Firefox says: Unable to connect. Firefox can't establish a connection to the server at www.youtube.com.

In my house we have PC and another Mac (Macbook) and every page opens with them so it cannot be my router. I can't connect to www.youtube.com with my MBP at my work either. (PC's and iMacs there connects just fine) So problem has to be in this computer. I tried to search for an answer but nothing helped. One thread in this forum looked like my problem but solution there was proxy setting. In my proxies everything is unchecked.. at least what I can see. link to that thread: http://macosx.com/tech-support/safari-support/214.html

Thank you for this great forum.. it has been big help for me!


----------



## MisterMe (Aug 26, 2006)

My first suggestion is to launch *System Preferences* on the MacBook where things work and on the MacBook Pro where they don't. Duplicate the settings in the _Network_ preferences pane of the MacBook on the MacBook Pro.


----------



## mkoivula (Aug 26, 2006)

Thanks for the reply. I did what you told and settings were identical. All proxy settings are unchecked (I have never touched them). Pretty much only difference in softwares between these two computers were that I had Azureus and Colloguy installed but now Azureus is gone.(I still have Colloguy) Did my mac automatically turn something on when it saw program like that being installed.. I mean just to protect from harmful intruders or something?


----------



## MisterMe (Aug 26, 2006)

I infer from your original post that you are using the default (out-of-the-box) settings of your computer. If you installed something to change the defaults, then indeed this may explain your problem. If you are willing to state how you are connected to the Internet, perhaps I or someone else will tell you how to restore your communications.


----------



## mkoivula (Aug 26, 2006)

I'm connected wirelessly to Linksys WRT54G v.6 router. One thing what is pretty interesting is that I have Parallels installed so I can run Windows XP when I need it. So I tested www.youtube.com in windows and it worked. I also did little test in local coffee shop today and I cannot connect to these sites there either.


----------



## MisterMe (Aug 27, 2006)

The Linksys router does not connect you to the Internet; it connects you to your broadband modem. You are connected to the Internet through a cable or DSL modem.

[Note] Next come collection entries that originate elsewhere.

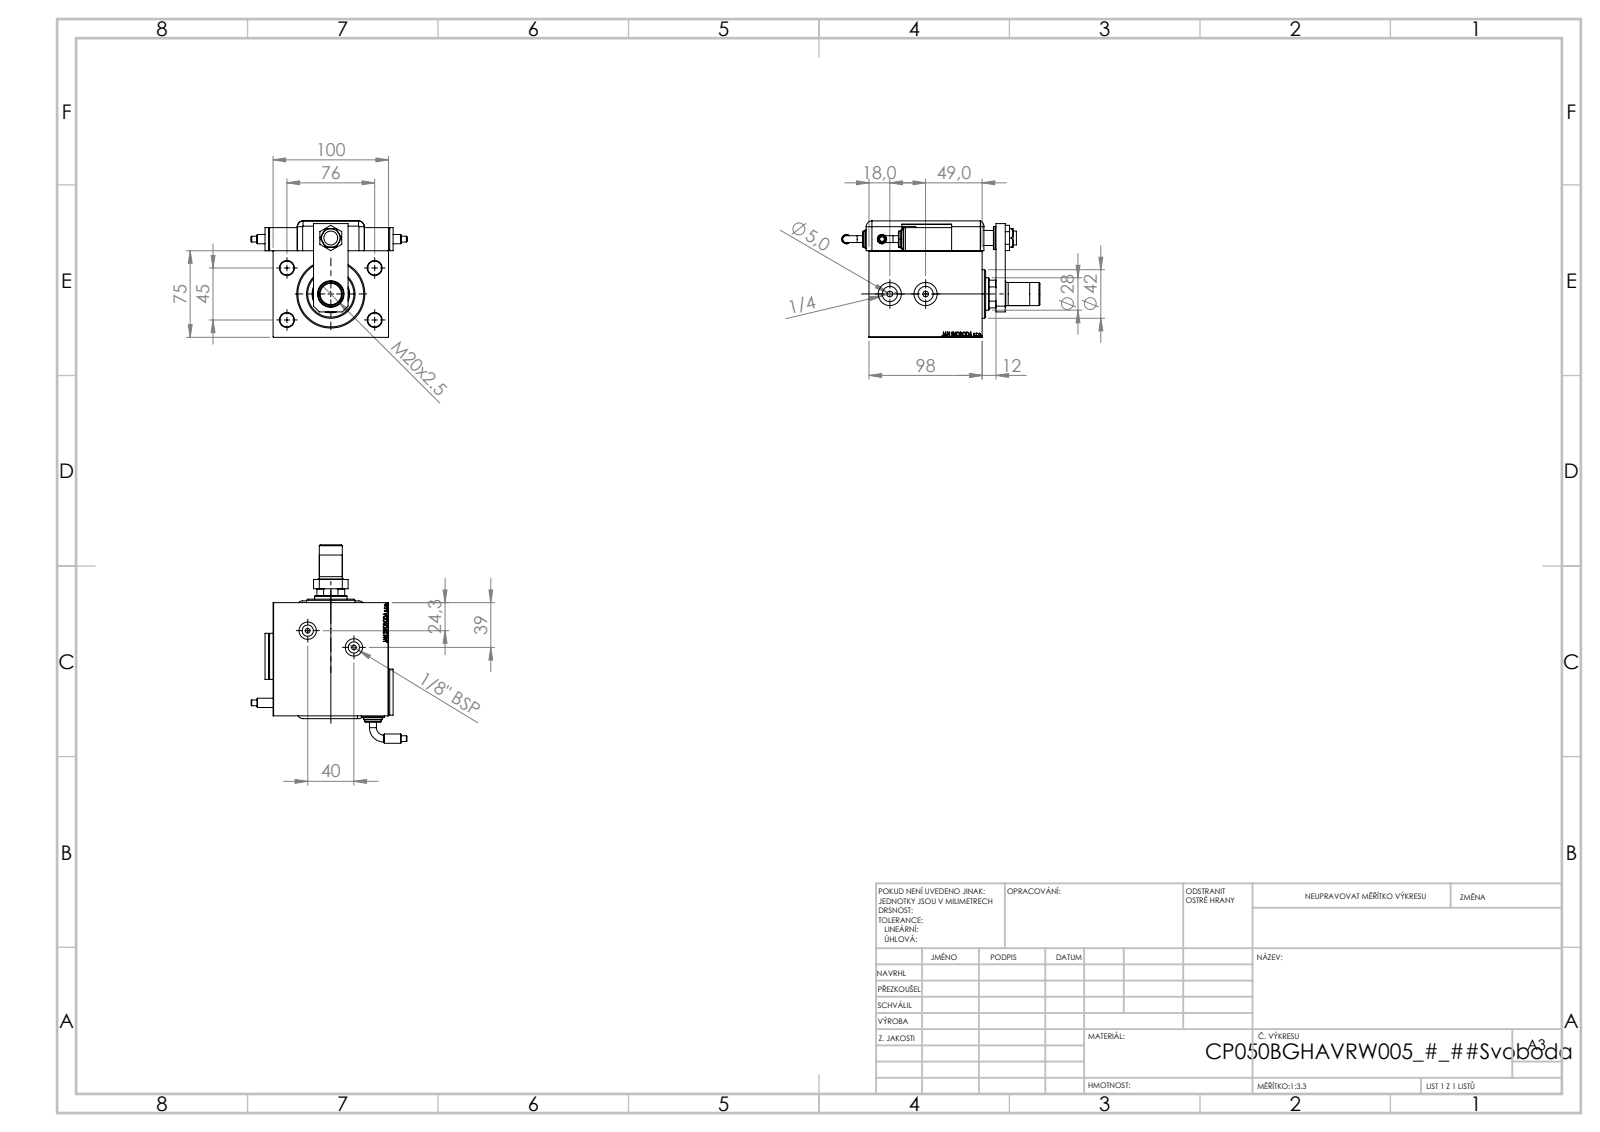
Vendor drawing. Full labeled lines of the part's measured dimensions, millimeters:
Part name (STEP PRODUCT): SWITCH DIM A_G; V450CM_MALE_METRIC; V450CP_VC_B; NUT_D19 (+7 more)
STEP written by: SolidWorks 2019 (CONFIG_CONTROL_DESIGN)
Units: millimetres
Bodies: 15 solids, 1344 faces (624 planar, 139 cylindrical, 581 other)
Overall size (bounding box): 171.76 × 135.01 × 100.8
Volume: 867 029 mm³ · Surface area: 164 307 mm²
Round holes (diameter × count): ⌀12 ×5, ⌀4 ×4, ⌀5 ×2, ⌀8 ×2, ⌀9.73 ×2, ⌀13.16 ×2, ⌀15 ×2, ⌀20 ×2, ⌀13 ×1, ⌀14 ×1, ⌀18.5 ×1, ⌀28 ×1
Round bosses / shafts (diameter × count): ⌀20 ×4, ⌀16 ×2, ⌀14 ×2, ⌀8 ×2, ⌀6 ×2, ⌀5.04 ×2, ⌀42 ×1, ⌀18 ×1
Partial cylindrical surfaces — rounded edges, fillets, slot ends (radius × count): R5 ×9, R10 ×1, R13.5 ×1
Main face-to-face distances: 3, 75, 98, 100, 20, 14, 49, 84, 25.8, 100.8
Hole centre spacings: 44.16, 45, 46.04, 76, 80.53, 88.32, 18.28, 20

Launch *System Preferences*.
Click the _Network_ preferences pane.
At the _Show:_ pop-up menu, which item do you have checked?


----------



## mkoivula (Aug 27, 2006)

oh yeah I have cable connection. At work I have cable also.. I think.

Ok my Network settings are:
Location: Automatic
Show: Airport

Under AirPort button:
By default, join: Automatic

Under TCP/IP button:
Configure IPv4: Using DHCP
all the boxes where I could type are empty(DHCP Client ID, DNS Servers, Search Domains)

Under PPPoE button:
Nothing is checked and every input box is empty.

Under AppleTalk button:
Nothing is checked.

Under Proxies:
"Configure Proxies" drop box says: Manually.
Nothing is checked in "Select a proxy server to configure".
Only "Use Passive FTP Mode (PASV)" is checked.


----------



## MisterMe (Aug 27, 2006)

Compare these to your Mac  where everything is working.


----------



## mkoivula (Aug 27, 2006)

All of those are identical. Also both computers have firewall on. Is there any "deeper" settings for network or firewall where something could cause this problem. I'm new with macs so I don't know whole lot about configuring network settings.

I really appreciate you trying to help me... please don't give up


----------



## mkoivula (Aug 27, 2006)

Ok I finally found the reason why some web pages didn't open. Week ago I installed software called PeerGuardian and I uninstalled it right away but obviously it didn't uninstall everything. Spotlight found some files related to PeerGuardian and once I deleted them web pages started to open.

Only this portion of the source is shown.